Tanaka, I am a midle age man who can kick nastly from toes to midsection, however high kicks to the head are dificult to me to achieve properly, so I kick below the head to ensure a good hit. Take note too that a high kick to the head it's easier to grab than a kick to the groin,tight or even  stomach. I am not as quick and flexible as I was before, that's why I preferr low to mid section kicks for self defence aplications.

When I got inside Kenpo I asked my sensei if kenpo had kicks to the head and he answered  me: " Oh yeah, sure, we kick to the head... once we bend the bad guy with another kick or punch or when the bad guy is on the floor", as you may see we have kicks to the head.....this makes sence to me.

Manny


----------



## Manny (Jul 2, 2010)

I have to admit the aikido I've been seing live (not internet) is the kind of dance I wrote before,where all the moves are softh and with not hurt intention and this what the people sees , I know deep in my heart a good trow from an aikidoka can be debastating but as you mentioned here one must train the way we train.

Few months ago I went to an aikido dojo and chated a while with the sensei, at some point of our conversation he asked why I wanted aikdio classes, I answered to learn self defense, the sensei told me that dojo was not the adecuate cause he teaches to live in harmony and how to overcome the problems in life but if I wanted self defense classes I need to go another place. I was a little despointed cause AikiDo is a martial art, isn't it? If I want to be in harmony I could go to Yoga classes.

Any how I think Aikido is something good for self defense and it has it's aplications.

Manny


----------



## Laus (Jul 2, 2010)

I don't practice TKD, but I do spend a lot of time on high kicks in karate. I wouldn't use them deliberatly (maybe by reflex though) in a real fight for two reasons - first, because my hips and low back don't always cooperate, so why chance a crappy kick when I could do something I know is effective, but mostly, because it increases the potential for losing my balance exponentially, either by miscalculation or because the opponent caught my leg. Better just to take out the knees and call it a day if you ask me.

I began practicing Aikido a year ago (I've been studying karate for 7 years, and still am), and one thing that has always frustrated me is that many of the people I train with don't know how to attack effectively. 
Some of the students also have a hard time receiving a real attack. I use proper techniques on anyone I can, but there are a number of people I have to hold back on because they have never been trained to take a punch, so if they fail to get out of the way I'll end up hurting them - which maybe be acceptable in a Karate dojo, but is absolutely not in an Aikido dojo.

Aikido is a strictly defensive art, so training people to really hit goes against its fundamental philosophy. You could argue that this makes Aikido unrealistic, but in a good dojo this is accounted for. My own Sensei has various ways of compensating for it, and he does make a point of correcting people who are particularly ineffective in their attacks if it means their partner can't train the Aikido properly. He also uses the more skilled students to demonstrate whatever we're working on so that he can really throw them around, and despite my beginner status will get me up there sometimes to show people what a focused attack might actually look like. 
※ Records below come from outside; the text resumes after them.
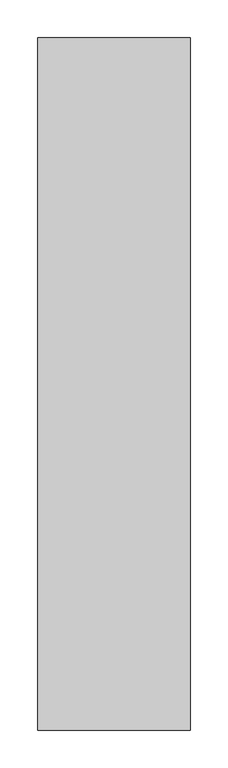
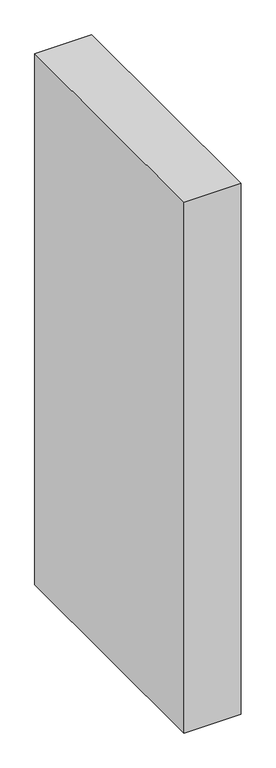
"""IFC4 building model written with IfcOpenShell, lengths in millimetres: proxy geometry, Generic Models 7:Generic Models 1:3:Generic Models 1:3 : Generic Models 7:Generic Models 1:305549:3:Generic Models 1:3:Generic Models 1:3 : Generic Models 7:Generic Models 1:305549:3 : Generic Models 7:Generic Models 1:3:Generic Models 1:3 : Generic Models 7:Generic Models 1:305549:301244:51 : Generic Models 7:Generic Models 1:3:Generic Models 1:3 : Generic Models 7:Generic Models 1:305549:3:Generic Models 1:3:Generic Models 1:3 : Generic Models 7:Generic Models 1:305549:3 : Generic Models 7:Generic Models 1:3:Generic Models 1:3 : Generic Models 7:Generic Models 1:305549:301244:308848."""

from ifc_helpers import new_model, si_unit, frame, origin, place, context, project, spatial, polyline, outline, extrude, source, transform, mapped, element, save


def generic_models_4f36983e(model_context):
    return source(origin(), model_context, "Body", "SweptSolid", [
        extrude(outline(polyline([(667344.1117239, -569159.2704849), (667344.1117239, -568237.3994958), (667547.3117239, -568237.3994958), (667547.3117239, -569159.2704849), (667344.1117239, -569159.2704849)])), frame((0.0, 0.0, 4133.81326), z_axis=(0.0, 0.0, 1.0), x_axis=(1.0, 0.0, 0.0)), (0.0, 0.0, 1.0), 2000.28674),
    ])


if __name__ == "__main__":
    model = new_model("IFC4")
    model_context = context("Model", 3, world=origin())
    ifc_project = project(units=[si_unit("LENGTHUNIT", "METRE", prefix="MILLI")], contexts=[model_context])
    site = spatial("IfcSite", under=ifc_project)
    building = spatial("IfcBuilding", under=site)
    placement = place(None, origin())
    generic_models_shape = generic_models_4f36983e(model_context)
    element("IfcBuildingElementProxy", 1, Name="Generic Models 7:Generic Models 1:3:Generic Models 1:3 : Generic Models 7:Generic Models 1:305549:3:Generic Models 1:3:Generic Models 1:3 : Generic Models 7:Generic Models 1:305549:3 : Generic Models 7:Generic Models 1:3:Generic Models 1:3 : Generic Models 7:Generic Models 1:305549:301244:51 : Generic Models 7:Generic Models 1:3:Generic Models 1:3 : Generic Models 7:Generic Models 1:305549:3:Generic Models 1:3:Generic Models 1:3 : Generic Models 7:Generic Models 1:305549:3 : Generic Models 7:Generic Models 1:3:Generic Models 1:3 : Generic Models 7:Generic Models 1:305549:301244:308848", ObjectType="Generic Models 7:Generic Models 1:3:Generic Models 1:3 : Generic Models 7:Generic Models 1:305549:3:Generic Models 1:3:Generic Models 1:3 : Generic Models 7:Generic Models 1:305549:3 : Generic Models 7:Generic Models 1:3:Generic Models 1:3 : Generic Models 7:Generic Models 1:305549:301244:51 : Generic Models 7:Generic Models 1:3:Generic Models 1:3 : Generic Models 7:Generic Models 1:305549:3:Generic Models 1:3:Generic Models 1:3 : Generic Models 7:Generic Models 1:305549:3 : Generic Models 7:Generic Models 1:3:Generic Models 1:3 : Generic Models 7:Generic Models 1:305549:301244:308848", at=placement, inside=building, context=model_context, shape_type="MappedRepresentation", body=[
        mapped(generic_models_shape, transform((0.0, 0.0, 0.0), x_axis=(1.0, 0.0, 0.0), y_axis=(0.0, 1.0, 0.0), z_axis=(0.0, 0.0, 1.0))),
    ])
    save(model, "model.ifc")

# Revit data of these elements
# Type "Generic Models 7:Generic Models 1:3:Generic Models 1:3 : Generic Models 7:Generic Models 1:305549:3:Generic Models 1:3:Generic Models 1:3 : Generic Models 7:Generic Models 1:305549:3 : Generic Models 7:Generic Models 1:3:Generic Models 1:3 : Generic Models 7:Generic Models 1:305549:301244:51 : Generic Models 7:Generic Models 1:3:Generic Models 1:3 : Generic Models 7:Generic Models 1:305549:3:Generic Models 1:3:Generic Models 1:3 : Generic Models 7:Generic Models 1:305549:3 : Generic Models 7:Generic Models 1:3:Generic Models 1:3 : Generic Models 7:Generic Models 1:305549:301244:308848"
#   NameOverride = "Generic Models 7:Generic Models 1:3:Generic Models 1:3 : Generic Models 7:Generic Models 1:305549:3:Generic Models 1:3:Generic Models 1:3 : Generic Models 7:Generic Models 1:305549:3 : Generic Models 7:Generic Models 1:3:Generic Models 1:3 : Generic Models 7:Generic Models 1:305549:301244:308848"
#   ObjectTypeOverride = "Generic Models 1:3:Generic Models 1:3 : Generic Models 7:Generic Models 1:305549:3 : Generic Models 7:Generic Models 1:3:Generic Models 1:3 : Generic Models 7:Generic Models 1:305549:301244"
#   Reference = "Generic Models 1"
#   Tag = "308848"
# Element 1 (IfcBuildingElementProxy, "Generic Models 7:Generic Models 1:3:Generic Models 1:3 : Generic Models 7:Generic Models 1:305549:3:Generic Models 1:3:Generic Models 1:3 : Generic Models 7:Generic Models 1:305549:3 : Generic Models 7:Generic Models 1:3:Generic Models 1:3 : Generic Models 7:Generic Models 1:305549:301244:51 : Generic Models 7:Generic Models 1:3:Generic Models 1:3 : Generic Models 7:Generic Models 1:305549:3:Generic Models 1:3:Generic Models 1:3 : Generic Models 7:Generic Models 1:305549:3 : Generic Models 7:Generic Models 1:3:Generic Models 1:3 : Generic Models 7:Generic Models 1:305549:301244:308848")
#   Materials on its faces: "SIMPLE SAVER INSULATION WITH LINER - COLOR: BLACK"
# Materials
#   "SIMPLE SAVER INSULATION WITH LINER - COLOR: BLACK": class "Unassigned", colour RGB 158 92 175, transparency 0, Cost = 0

As far as overreliance on cooperative partners goes, he has a system for that as well, where we start each pairing going easy on each other to get a feel for things and end with full resistance for more realistic practice. In my experience that kind of "scaling" is very effective for training purposes and it seems to work well enough here.

Whether or not Aikido is effective outside the dojo? I would say yes, absolutely, with the usual caveats of "with proper practice" and "after training for, like, ever". There have been many times when the better Aikido students have surprised me with the ease with which a properly executed technique can take me down - it is one thing to see it done, and quite another to be on the receiving end. I pretty much "know what I'm doing" as far as fighting goes, and there are plenty of Aikido techniques I am hard pressed to get out of if they are done right.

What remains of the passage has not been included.